J.B. has also consented after having had an opportunity to obtain independent legal advice. I note that J.B. is also an adult of an age such that he is allowed to legally provide his consent. I also note that his consent is important in this case because any information that would tend to identify H.B. would automatically identify J.B. as well. That has been made clear to him and he has made it clear to me that he does not wish to stand in the way of this order. He is in support of it.
Crown Counsel has now consented.
I am satisfied that the circumstances which made the Publication Ban mandatory are no longer present, and subject to any rights that J.G.O. might have, I can revoke the order. J.G.O., through his counsel has declined to take any position with regard to this. I am satisfied that there are no rights that he has that would prevent me from making the order.

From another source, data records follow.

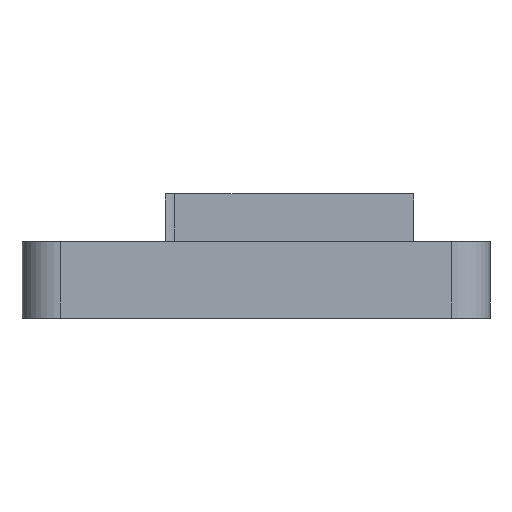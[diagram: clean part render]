
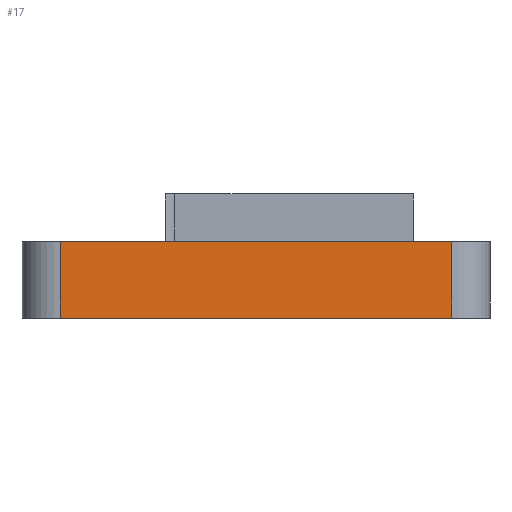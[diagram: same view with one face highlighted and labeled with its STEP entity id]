
A CAD part, left-side view. The second image highlights one B-rep face of the part: STEP entity #17.
In plain terms, the highlighted planar face has unit normal (-1, 0, 0).
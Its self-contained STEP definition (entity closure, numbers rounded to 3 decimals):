
#17 = ADVANCED_FACE('',(#18),#52,.F.);
#18 = FACE_BOUND('',#19,.F.);
#19 = EDGE_LOOP('',(#20,#30,#38,#46));
#20 = ORIENTED_EDGE('',*,*,#21,.T.);
#21 = EDGE_CURVE('',#22,#24,#26,.T.);
#22 = VERTEX_POINT('',#23);
#23 = CARTESIAN_POINT('',(58.5,148.5,0.));
#24 = VERTEX_POINT('',#25);
#25 = CARTESIAN_POINT('',(58.5,148.5,8.));
#26 = LINE('',#27,#28);
#27 = CARTESIAN_POINT('',(58.5,148.5,0.));
#28 = VECTOR('',#29,1.);
#29 = DIRECTION('',(0.,0.,1.));
#30 = ORIENTED_EDGE('',*,*,#31,.T.);
#31 = EDGE_CURVE('',#24,#32,#34,.T.);
#32 = VERTEX_POINT('',#33);
#33 = CARTESIAN_POINT('',(58.5,107.5,8.));
#34 = LINE('',#35,#36);
#35 = CARTESIAN_POINT('',(58.5,148.5,8.));
#36 = VECTOR('',#37,1.);
#37 = DIRECTION('',(0.,-1.,0.));
#38 = ORIENTED_EDGE('',*,*,#39,.F.);
#39 = EDGE_CURVE('',#40,#32,#42,.T.);
#40 = VERTEX_POINT('',#41);
#41 = CARTESIAN_POINT('',(58.5,107.5,0.));
#42 = LINE('',#43,#44);
#43 = CARTESIAN_POINT('',(58.5,107.5,0.));
#44 = VECTOR('',#45,1.);
#45 = DIRECTION('',(0.,0.,1.));
#46 = ORIENTED_EDGE('',*,*,#47,.F.);
#47 = EDGE_CURVE('',#22,#40,#48,.T.);
#48 = LINE('',#49,#50);
#49 = CARTESIAN_POINT('',(58.5,148.5,0.));
#50 = VECTOR('',#51,1.);
#51 = DIRECTION('',(0.,-1.,0.));
#52 = PLANE('',#53);
#53 = AXIS2_PLACEMENT_3D('',#54,#55,#56);
#54 = CARTESIAN_POINT('',(58.5,148.5,0.));
#55 = DIRECTION('',(1.,0.,0.));
#56 = DIRECTION('',(0.,-1.,0.));

Jurisdiction to Vary Order Made by Another Justice
The final question that I had was whether I could determine this issue with respect to an order that was made by another justice. In that regard I note the decision of Justice DelFrate of the Superior Court of Justice in R. v. Ireland, [2005] O.J. No. 5244. At Paragraph 19, he concludes that a judge other than a judge making the order would have the jurisdiction to hear such an application. He goes on to note that the circumstances in that case were very similar to those before me, and went ahead to make the order sought.
I note for the record the fact that this is not a matter of the application being brought before any judge. This was an application that was brought before the judge that heard the guilty plea, heard the submissions with respect to sentence and sentenced J.G.O. I was the justice who would be most informed of the circumstances of this case.
Decision
For the reasons I have set out above, the application is granted and the order banning the publication of the name of the victims H.B. and J.B. is hereby lifted. I will point out that this has no effect on the order regarding T.L. That was a separate matter. In fact, I was the one who made the order regarding T.L. That is not part of the application before me and the order banning publication of T.L.'s name or from providing any information that may tend to identify him remains in place.
I note also that I have continued to use initials in my reasons given this morning. I have done so because this application is for the benefit of H.B. and J.B. It is up to them to decide what steps if any they wish to take with respect to having information published that may tend to identify them. I am not being so presumptuous as to take those steps myself at this time.
Thank you all.
Administrative Information
Date Ordered: May 1, 2019
Date Completed: May 27, 2019
Ordering Party Notified: May 29, 2019
Certificate of Transcript
Form 2 — Certificate of Transcript
Subsection 5(2) — Evidence Act
I Brenda Sears, certify that this document is a true and accurate transcript of the recording made by Court Reporter Mary Thompson, of the matter of R. v. J.G.O., in the Ontario Court of Justice, at 2021 Plains Road East, Burlington, Ontario, taken from Digital Recording: 1213_13_20190425_082133__6_HARRISDAV.dcr, which has been certified in Form 1.